王宇給出回答,聲音有些沉悶,因為他已經提前咬緊牙關了。
“滋滋滋……”
“唔唔唔唔唔…!”
電子觸須高效而準確地切開王宇的**,探入體內,和醫生提前說好的一樣,開始從他的體內取出對方要的東西,並沒有血液流出,因為電子觸須在破開王宇血管的同時也會進行對應的處理。
但這樣高精度的實驗並不會減少疼痛感,自己選擇不用麻藥的王宇牙齒狠狠咬合在一起,發出壓抑性的痛呼,愣是沒吼出聲來,這是疼痛耐受性練習。
王宇不是天生不怕疼,完全是來到這個世界後練出來的,現在不練,就等著戰鬥時因為疼痛而出現失誤導致萬劫不複吧。
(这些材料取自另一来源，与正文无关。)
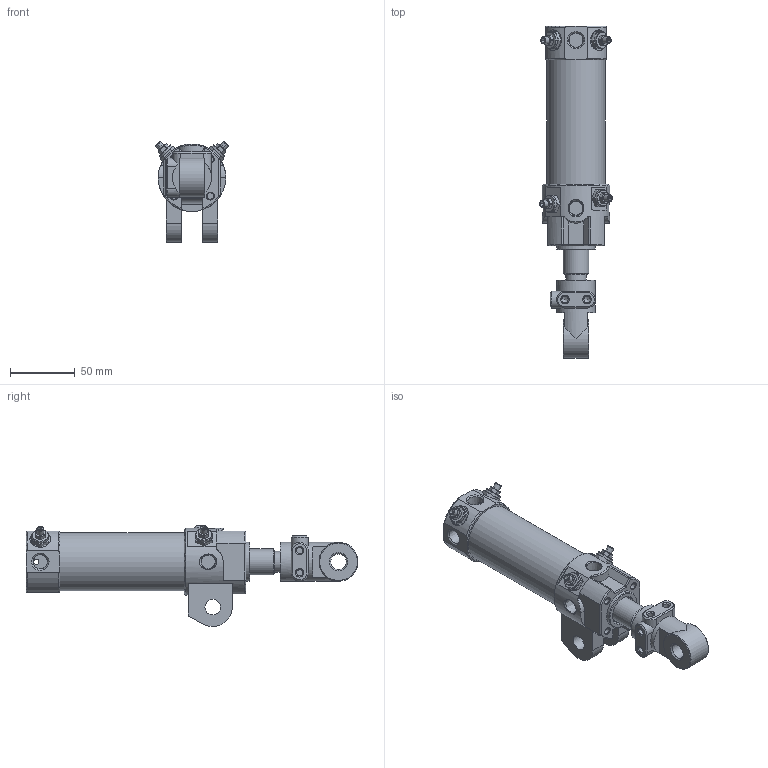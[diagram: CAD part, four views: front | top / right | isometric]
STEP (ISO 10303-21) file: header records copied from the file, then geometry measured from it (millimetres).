
FILE_DESCRIPTION((''),'2;1');
FILE_NAME('I:\3D電子目錄\氣缸\DCK\DCK\DCK-1A-40x50-I.stp','2008-02-26T10:49:46',('Administrator'),(''),'Autodesk Inventor 11','Autodesk Inventor 11','');
FILE_SCHEMA(('AUTOMOTIVE_DESIGN { 1 0 10303 214 1 1 1 1 }'));
Length unit declared in the file: millimetre
Products named in the file (6): DCK-1A-40-I; 緩衝針; 緩衝針-1; 緩衝針-201; 緩衝針-3
Assembly tree (8 placements, depth 3):
  DCK-1A-40-I
    DCK-1A-40-I
    緩衝針  x4
      緩衝針-1
      緩衝針-201
      緩衝針-3
Bounding box: 56.06 x 256 x 78.02 mm (x, y, z)
Volume: 226238.2 mm3; surface area: 89476.9 mm2
Topology: 16 solids, 16 shells, 688 faces, 1580 edges, 982 vertices
Faces by surface type: plane 234, cylinder 209, cone 144, bspline 64, torus 35, sphere 2
Full cylindrical faces by diameter (mm): 2 x1, 3 x3, 3.8 x2, 4 x6, 4.6 x4, 5 x8, 5.1 x4, 5.2 x12, 5.5 x4, 7 x1, 7.25 x1, 7.9 x4, 8 x2, 8.3 x1, 10 x2, 12 x3, 12.8 x4, 16 x3, 20 x1, 21 x1, 22 x3, 23 x1, 24.7 x1, 26 x1, 28 x1, 29 x1, 30 x3, 33 x1, 40 x1, 42 x2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
Entity records: 22337 total; most frequent: CARTESIAN_POINT 13105, DIRECTION 1810, ORIENTED_EDGE 1772, EDGE_CURVE 886, AXIS2_PLACEMENT_3D 781, EDGE_LOOP 625, VERTEX_POINT 617, FACE_OUTER_BOUND 437

第一次下定決心進行疼痛耐受性訓練,他直接在醫生的手術椅上痛至休克,大約半小時後被醫生的電流刺激裝置激活心臟的跳動,現在真的好太多了。
“完畢,托你的福,她應該很快就可以正常進行活動了,所以,你這次應該是有額外的事要來尋求我的幫助對吧,畢竟還沒到我們約定好的提取你身體組織的時間,說來聽聽。”
手術在醫生精妙高效的操控下,於十五分鐘內完成,電子觸須帶著王宇的血肉從體內褪去,同步完成止血和縫合,並將少量修複原液留在他的體內。
在收回電子觸須讓麵色慘白,不斷大口喘息的王宇休息的時間裡,醫生已經開始處理從王宇體內切下的組織,將它們分門彆類存入培養液罐中進行培育,實際上剛進門時看到的那些器官,幾乎全是用王宇這家夥的血肉定向誘導培育出的產物。
醫生邊擺弄邊談起王宇這次的來意,而對方口中的“她”實際上指的是醫生的女兒,一個王宇壓根沒見過,但應該是被異常汙染掉幾乎全部身軀的可憐孩子。